Erst im Nachhinein wurde bekannt, dass einer ganzen Reihe von Fans von Seiten der spanischen Polizei übel mitgespielt wurde. So zumindest die Beschreibungen, die in vielen Dortmunder Blogs zu finden sind. Den Wahrheitsgehalt der Formulierungen kann man nicht überprüfen - doch die eindrücklichen Schilderungen und die Vielzahl an Augenzeugenberichten sollten es Jedem erlauben, sich ein eigenes Bild von den Ereignissen zu machen.
In Momenten wie diesen zeigt sich eine Stärke der Sportblogs: Sie können Themen auf die Agenda setzen, die ohne ihre Verbreitung im Internet einer breiteren Masse nicht zugänglich geworden wären. Die Aufgabe der Blogschau ist es nicht nur, auf den Klamauk und Trubel hinzuweisen, sondern auch solche Themen zu beleuchten.
Das Ende einer Auswärtsfahrt
"Wir waren vor dem Mob im Stadion und gingen auf den Unterrang, um uns ein Bild vom Stadion zu machen.

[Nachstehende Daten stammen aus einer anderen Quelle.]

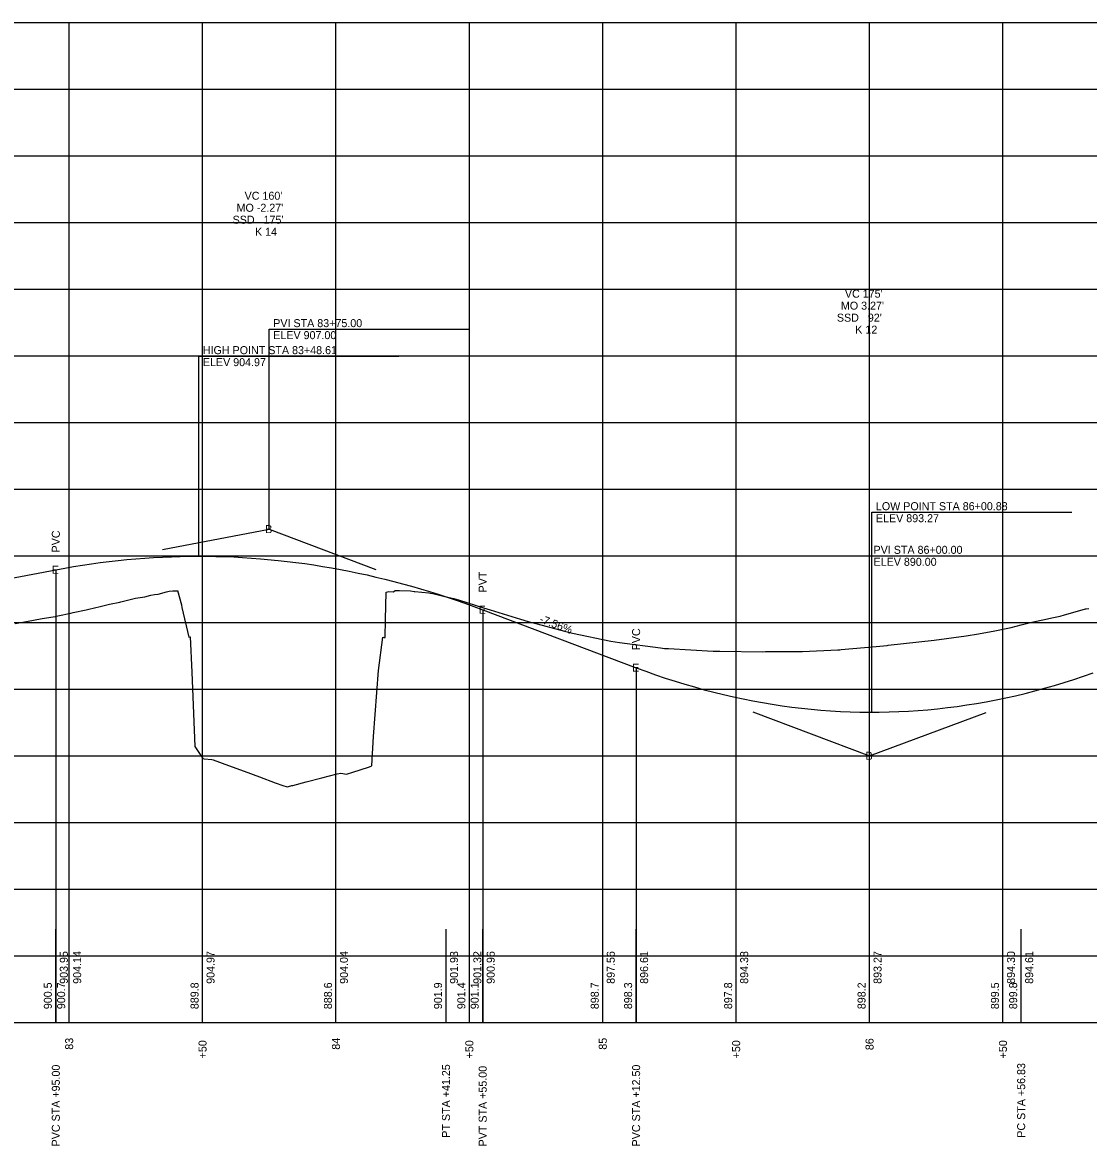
# Model space of a CAD drawing. Extents: x 76292 to 78417, y 50412 to 52585.
# Drawn here: x 76687.8 to 77087.4, y 51114.2 to 51535.3 of the extents above; entities that cross this region are included whole.
import ezdxf

# ---------------------------------------------------------------- set-up
doc = ezdxf.new("R2010")
doc.units = 0
for name, color, linetype in [('1', 7, 'Continuous'), ('2', 7, 'Continuous'), ('3', 7, 'Continuous'), ('32', 7, 'Continuous'), ('33', 7, 'Continuous'), ('63', 7, 'Continuous')]:
    doc.layers.add(name, color=color, linetype=linetype)

msp = doc.modelspace()

# ---------------------------------------------------------------- linework, layer by layer
at = {"layer": '1'}
for p, q in [((76305.34, 51160.35), (78405.34, 51160.35)), ((76705.34, 51160.35), (76705.34, 51160.35)), ((76755.34, 51160.35), (76755.34, 51160.35)), ((76805.34, 51160.35), (76805.34, 51160.35)), ((76855.34, 51160.35), (76855.34, 51160.35)), ((76905.34, 51160.35), (76905.34, 51160.35)), ((76955.34, 51160.35), (76955.34, 51160.35)), ((77005.34, 51160.35), (77005.34, 51160.35)), ((77055.34, 51160.35), (77055.34, 51160.35))]:
    msp.add_line(p, q, dxfattribs=at)
for points in [[(76780.34, 51345.35), (76780.34, 51420.35), (76855.34, 51420.35)], [(76753.95, 51335.22), (76753.95, 51410.22), (76828.95, 51410.22)], [(77006.22, 51276.71), (77006.22, 51351.71), (77081.22, 51351.71)], [(77005.34, 51260.35), (77005.34, 51335.35), (77080.34, 51335.35)], [(76700.34, 51330.12), (76700.34, 51160.35), (76700.34, 51160.35), (76700.34, 51160.35)], [(76860.34, 51315.13), (76860.34, 51160.35), (76860.34, 51160.35), (76860.34, 51160.35)], [(76917.84, 51293.4), (76917.84, 51160.35), (76917.84, 51160.35), (76917.84, 51160.35)], [(76700.34, 51160.35), (76700.34, 51195.35)], [(76700.34, 51160.35), (76700.34, 51195.35)], [(76700.34, 51160.35), (76700.34, 51195.35)], [(76700.34, 51160.35), (76700.34, 51195.35)], [(76705.34, 51160.35), (76705.34, 51195.35)], [(76705.34, 51160.35), (76705.34, 51195.35)], [(76705.34, 51160.35), (76705.34, 51195.35)], [(76705.34, 51160.35), (76705.34, 51195.35)], [(76755.34, 51160.35), (76755.34, 51195.35)], [(76755.34, 51160.35), (76755.34, 51195.35)], [(76755.34, 51160.35), (76755.34, 51195.35)], [(76755.34, 51160.35), (76755.34, 51195.35)], [(76805.34, 51160.35), (76805.34, 51195.35)], [(76805.34, 51160.35), (76805.34, 51195.35)], [(76805.34, 51160.35), (76805.34, 51195.35)], [(76805.34, 51160.35), (76805.34, 51195.35)], [(76846.59, 51160.35), (76846.59, 51195.35)], [(76846.59, 51160.35), (76846.59, 51195.35)], [(76846.59, 51160.35), (76846.59, 51195.35)], [(76846.59, 51160.35), (76846.59, 51195.35)], [(76855.34, 51160.35), (76855.34, 51195.35)], [(76855.34, 51160.35), (76855.34, 51195.35)], [(76855.34, 51160.35), (76855.34, 51195.35)], [(76855.34, 51160.35), (76855.34, 51195.35)], [(76860.34, 51160.35), (76860.34, 51195.35)], [(76860.34, 51160.35), (76860.34, 51195.35)], [(76860.34, 51160.35), (76860.34, 51195.35)], [(76860.34, 51160.35), (76860.34, 51195.35)], [(76905.34, 51160.35), (76905.34, 51195.35)], [(76905.34, 51160.35), (76905.34, 51195.35)], [(76905.34, 51160.35), (76905.34, 51195.35)], [(76905.34, 51160.35), (76905.34, 51195.35)], [(76917.84, 51160.35), (76917.84, 51195.35)], [(76917.84, 51160.35), (76917.84, 51195.35)], [(76917.84, 51160.35), (76917.84, 51195.35)], [(76917.84, 51160.35), (76917.84, 51195.35)], [(76955.34, 51160.35), (76955.34, 51195.35)], [(76955.34, 51160.35), (76955.34, 51195.35)], [(76955.34, 51160.35), (76955.34, 51195.35)], [(76955.34, 51160.35), (76955.34, 51195.35)], [(77005.34, 51160.35), (77005.34, 51195.35)], [(77005.34, 51160.35), (77005.34, 51195.35)], [(77005.34, 51160.35), (77005.34, 51195.35)], [(77005.34, 51160.35), (77005.34, 51195.35)], [(77055.34, 51160.35), (77055.34, 51195.35)], [(77055.34, 51160.35), (77055.34, 51195.35)], [(77055.34, 51160.35), (77055.34, 51195.35)], [(77055.34, 51160.35), (77055.34, 51195.35)], [(77062.17, 51160.35), (77062.17, 51195.35)], [(77062.17, 51160.35), (77062.17, 51195.35)], [(77062.17, 51160.35), (77062.17, 51195.35)], [(77062.17, 51160.35), (77062.17, 51195.35)]]:
    msp.add_lwpolyline(points, dxfattribs=at)
at = {"layer": '2'}
msp.add_lwpolyline([(76685.13, 51310), (76689.41, 51310.77), (76695.23, 51311.8), (76697.73, 51312.24), (76700.08, 51312.63), (76701.05, 51312.84), (76705.95, 51313.87), (76706.87, 51314.08), (76711.67, 51315.15), (76712.69, 51315.38), (76716.91, 51316.29), (76718.51, 51316.71), (76720.49, 51317.21), (76724.33, 51318.02), (76724.76, 51318.11), (76728.73, 51319.15), (76730.16, 51319.41), (76731.98, 51319.74), (76733.71, 51319.96), (76735.98, 51320.56), (76737.29, 51320.9), (76738.76, 51321.03), (76741.8, 51321.83), (76742.83, 51322.1), (76744.21, 51322.17), (76745.72, 51322.24), (76745.88, 51322.27), (76745.95, 51322.34), (76747.4, 51317.01), (76747.62, 51316.03), (76750.15, 51304.8), (76750.66, 51304.97), (76751.33, 51291.66), (76752.43, 51263.83), (76753.44, 51262.33), (76754.96, 51260.08), (76755.47, 51259.38), (76755.96, 51259.18), (76758.86, 51259.03), (76759.26, 51258.88), (76765.09, 51256.74), (76770.91, 51254.59), (76776.73, 51252.43), (76782.55, 51250.28), (76785.49, 51249.19), (76787.04, 51248.74), (76788.37, 51249.1), (76788.82, 51249.23), (76789.23, 51249.25), (76794.19, 51250.54), (76800.01, 51252.05), (76805.84, 51253.57), (76807.15, 51253.91), (76809.26, 51253.49), (76811.66, 51254.25), (76817.48, 51256.1), (76818.55, 51256.44), (76818.76, 51256.71), (76819.35, 51267.62), (76821.23, 51292.38), (76822.95, 51304.8), (76823.3, 51304.77), (76823.34, 51304.77), (76823.76, 51304.76), (76823.92, 51311.47), (76824.16, 51321.72), (76825.22, 51321.96), (76826.82, 51321.9), (76827.47, 51322.22), (76827.55, 51322.31), (76829.12, 51322.29), (76833.33, 51322.24), (76834.69, 51322.01), (76834.94, 51321.99), (76840.2, 51321.48), (76840.77, 51321.36), (76841.64, 51321.17), (76846.59, 51319.99), (76849.53, 51319.29), (76851.7, 51318.67), (76860.68, 51315.9), (76863.14, 51315.14), (76874.45, 51311.64), (76877.4, 51310.77), (76878.88, 51310.38), (76890.96, 51307.08), (76892.46, 51306.71), (76894.06, 51306.34), (76908.38, 51303.38), (76910.03, 51303.05), (76911.57, 51302.81), (76926.98, 51300.82), (76928.51, 51300.65), (76930.01, 51300.56), (76946.68, 51299.63), (76948, 51299.61), (76949.25, 51299.62), (76965.37, 51299.39), (76966.35, 51299.41), (76978.99, 51299.47), (76980.24, 51299.51), (76993.41, 51300.09), (76994.2, 51300.13), (76994.68, 51300.16), (77007.77, 51301.39), (77011.88, 51301.73), (77012.32, 51301.8), (77029.54, 51303.77), (77041.52, 51305.38), (77046.22, 51306.1), (77052.31, 51307.16), (77058.4, 51308.45), (77062.17, 51309.41), (77066.22, 51310.44), (77067.32, 51310.72), (77070.27, 51311.35), (77074.32, 51312.22), (77076.77, 51312.75), (77078.37, 51313.2), (77082.42, 51314.35), (77086.23, 51315.43), (77086.47, 51315.46), (77087.51, 51315.59)], dxfattribs=at)
at = {"layer": '32'}
for p, q in [((76630.34, 51316.79), (76700.34, 51330.12)), ((76860.34, 51315.13), (76917.84, 51293.4))]:
    msp.add_line(p, q, dxfattribs=at)
for points in [[(76740.34, 51337.73), (76780.34, 51345.35), (76820.34, 51330.24)], [(76700.34, 51330.12), (76703.67, 51330.73), (76707.01, 51331.31), (76710.34, 51331.84), (76713.67, 51332.34), (76717.01, 51332.8), (76720.34, 51333.21), (76723.67, 51333.59), (76727.01, 51333.93), (76730.34, 51334.23), (76733.67, 51334.49), (76737.01, 51334.71), (76740.34, 51334.89), (76743.67, 51335.03), (76747.01, 51335.14), (76750.34, 51335.2), (76753.67, 51335.22), (76757.01, 51335.2), (76760.34, 51335.15), (76763.67, 51335.05), (76767.01, 51334.92), (76770.34, 51334.74), (76773.67, 51334.53), (76777.01, 51334.28), (76783.67, 51333.65), (76787.01, 51333.28), (76790.34, 51332.87), (76793.67, 51332.42), (76797.01, 51331.93), (76800.34, 51331.4), (76803.67, 51330.83), (76807.01, 51330.22), (76810.34, 51329.58), (76813.67, 51328.89), (76817.01, 51328.16), (76820.34, 51327.4), (76823.67, 51326.59), (76827.01, 51325.75), (76830.34, 51324.86), (76833.67, 51323.94), (76837.01, 51322.97), (76840.34, 51321.97), (76843.67, 51320.93), (76847.01, 51319.85), (76850.34, 51318.73), (76853.67, 51317.57), (76857.01, 51316.36), (76860.34, 51315.13)], [(76917.84, 51293.4), (76921.49, 51292.05), (76925.13, 51290.76), (76928.78, 51289.53), (76932.42, 51288.35), (76936.07, 51287.23), (76939.71, 51286.16), (76943.36, 51285.15), (76947.01, 51284.2), (76950.65, 51283.31), (76954.3, 51282.47), (76957.94, 51281.69), (76961.59, 51280.97), (76965.24, 51280.3), (76968.88, 51279.69), (76972.53, 51279.14), (76976.17, 51278.64), (76979.82, 51278.2), (76983.46, 51277.82), (76987.11, 51277.49), (76990.76, 51277.22), (76994.4, 51277.01), (76998.05, 51276.85), (77001.69, 51276.75), (77008.99, 51276.72), (77012.63, 51276.8), (77016.28, 51276.92), (77019.92, 51277.11), (77023.57, 51277.35), (77027.21, 51277.65), (77030.86, 51278.01), (77034.51, 51278.42), (77038.15, 51278.89), (77041.8, 51279.41), (77045.44, 51280), (77049.09, 51280.64), (77052.74, 51281.33), (77056.38, 51282.09), (77060.03, 51282.9), (77063.67, 51283.76), (77067.32, 51284.69), (77070.96, 51285.67), (77074.61, 51286.7), (77078.26, 51287.8), (77081.9, 51288.95), (77085.55, 51290.16), (77089.19, 51291.42)], [(76961.59, 51276.88), (77005.34, 51260.35), (77049.09, 51276.55)]]:
    msp.add_lwpolyline(points, dxfattribs=at)
at = {"layer": '63'}
for p, q in [((76305.34, 51535.35), (78405.34, 51535.35)), ((76305.34, 51535.35), (78405.34, 51535.35)), ((76705.34, 51160.35), (76705.34, 51535.35)), ((76755.34, 51160.35), (76755.34, 51535.35)), ((76805.34, 51160.35), (76805.34, 51535.35)), ((76855.34, 51160.35), (76855.34, 51535.35)), ((76905.34, 51160.35), (76905.34, 51535.35)), ((76955.34, 51160.35), (76955.34, 51535.35)), ((77005.34, 51160.35), (77005.34, 51535.35)), ((77055.34, 51160.35), (77055.34, 51535.35)), ((76305.34, 51510.35), (78405.34, 51510.35)), ((76305.34, 51485.35), (78405.34, 51485.35)), ((76305.34, 51460.35), (78405.34, 51460.35)), ((76305.34, 51435.35), (78405.34, 51435.35)), ((76305.34, 51410.35), (78405.34, 51410.35)), ((76305.34, 51385.35), (78405.34, 51385.35)), ((76305.34, 51360.35), (78405.34, 51360.35)), ((76305.34, 51335.35), (78405.34, 51335.35)), ((76305.34, 51310.35), (78405.34, 51310.35)), ((76305.34, 51285.35), (78405.34, 51285.35)), ((76305.34, 51260.35), (78405.34, 51260.35)), ((76305.34, 51235.35), (78405.34, 51235.35)), ((76305.34, 51210.35), (78405.34, 51210.35)), ((76305.34, 51185.35), (78405.34, 51185.35))]:
    msp.add_line(p, q, dxfattribs=at)

# ---------------------------------------------------------------- texts
at = {"layer": '1'}
for s, p in [('83', (76706.84, 51150.15)), ('+50', (76756.84, 51146.89)), ('84', (76806.84, 51150.15)), ('+50', (76856.84, 51146.89)), ('85', (76906.84, 51150.15)), ('+50', (76956.84, 51146.89)), ('86', (77006.84, 51149.98)), ('+50', (77056.84, 51146.89))]:
    msp.add_text(s, height=3, rotation=90, dxfattribs=at).set_placement(p)
at = {"layer": '3'}
for s, p in [('900.5', (76698.84, 51165.35)), ('900.7', (76703.84, 51165.35)), ('889.8', (76753.84, 51165.35)), ('888.6', (76803.84, 51165.35)), ('901.9', (76845.09, 51165.35)), ('901.4', (76853.84, 51165.35)), ('901.1', (76858.84, 51165.35)), ('898.7', (76903.84, 51165.35)), ('898.3', (76916.34, 51165.35)), ('897.8', (76953.84, 51165.35)), ('898.2', (77003.84, 51165.35)), ('899.5', (77053.84, 51165.35)), ('899.8', (77060.67, 51165.35))]:
    msp.add_text(s, height=3, rotation=90, dxfattribs=at).set_placement(p)
at = {"layer": '33'}
for s, p in [("VC 160'", (76771.1, 51468.87)), ("MO -2.27'", (76768.1, 51464.37)), ("SSD   175'", (76766.6, 51459.87)), ('K 14', (76774.99, 51455.37)), ("VC 175'", (76996.1, 51432.15)), ("MO 3.27'", (76994.6, 51427.65)), ("SSD   92'", (76993.1, 51423.15)), ('K 12', (76999.99, 51418.65)), ('B', (76778.84, 51343.85)), ('B', (77003.84, 51258.85))]:
    msp.add_text(s, height=3, dxfattribs=at).set_placement(p)
for s, rotation, p in [('PVI STA 83+75.00', 360, (76781.84, 51421.1)), ('ELEV 907.00', 360, (76781.84, 51416.6)), ('HIGH POINT STA 83+48.61', 360, (76755.45, 51410.97)), ('ELEV 904.97', 360, (76755.45, 51406.47)), ('LOW POINT STA 86+00.88', 360, (77007.72, 51352.46)), ('ELEV 893.27', 360, (77007.72, 51347.96)), ('PVC', 90, (76701.84, 51336.62)), ('PVI STA 86+00.00', 360, (77006.84, 51336.1)), ('ELEV 890.00', 360, (77006.84, 51331.6)), ('E', 360, (76698.84, 51328.62)), ('PVT', 90, (76861.84, 51321.63)), ('E', 360, (76858.84, 51313.63)), ('-7.56%', 339.3045, (76881.4, 51310.47)), ('PVC', 90, (76919.34, 51299.9)), ('E', 360, (76916.34, 51291.9)), ('903.95', 90, (76704.84, 51174.85)), ('904.14', 90, (76709.84, 51174.85)), ('904.97', 90, (76759.84, 51174.85)), ('904.04', 90, (76809.84, 51174.85)), ('901.93', 90, (76851.09, 51174.85)), ('901.32', 90, (76859.84, 51174.85)), ('900.96', 90, (76864.84, 51174.85)), ('897.56', 90, (76909.84, 51174.85)), ('896.61', 90, (76922.34, 51174.85)), ('894.38', 90, (76959.84, 51174.85)), ('893.27', 90, (77009.84, 51174.85)), ('894.30', 90, (77059.84, 51174.85)), ('894.61', 90, (77066.67, 51174.85)), ('PVC STA +95.00', 90, (76701.84, 51113.89)), ('PT STA +41.25', 90, (76848.09, 51117.15)), ('PVT STA +55.00', 90, (76861.84, 51113.89)), ('PVC STA +12.50', 90, (76919.34, 51113.89)), ('PC STA +56.83', 90, (77063.67, 51117.15))]:
    msp.add_text(s, height=3, rotation=rotation, dxfattribs=at).set_placement(p)

doc.saveas('drawing.dxf')

Als wir den Block wieder verlassen wollten wurde uns das von den Polizisten verweigert. Auch der Hinweis, dass man zur Toilette müsse führte nur zu einem "No" - dem am häufigsten gebrauchten Ausdruck der Ordnungsmacht. Nach endlos langer Zeit schafften wir dann den Weg raus. Es standen übrigens drei (!) Dixieklos zur Verfügung. Für 3000 Mann. Okay, eigentlich waren es sechs, aber die anderen drei wurden von den Polizisten nicht freigegeben. Warum? "No!". Das muss reichen als Begründung. Irgendwann kam die große Masse der Fans und danach eskalierte die Situation.Die Cops hauten wahllos auf Leute ein, bevor dann Sitzschalen flogen, was zugegebenermaßen auch keine perfekte Strategie zur Beruhigung der aufgebrachten Schlägertruppe in Uniform war. Aber so wie ich es erlebt habe ging die Gewalt ganz klar von der Staatsmacht aus. Wobei es mir auch hier wieder egal ist, denn die Polizei schlug auch auf Leute ein, die offensichtlich nicht an irgendeiner Aktion beteiligt waren, sondern am Rand standen offensichtlich unbeteiligt waren und die Arme erhoben hatten. Es waren neun Mitglieder von "The Dudes" in Sevilla. Von denen war niemand an irgendwelchen Gewalttaten beteiligt, aber vier wurden geschlagen und bei einem ging die Rippe zu Bruch. In dem Moment wo ihn der Polizeiknüppel traf beugte er sich gerade übrigens zu einem Menschen runter, der neben ihm zu Boden gegangen war. Mithin also eine Situation wo man nicht davon ausgehen konnte, dass der Polizist ihn für eine Gefahr hielt. Aber liebe spanische Polizei: Das hindert ja nicht am knüppeln."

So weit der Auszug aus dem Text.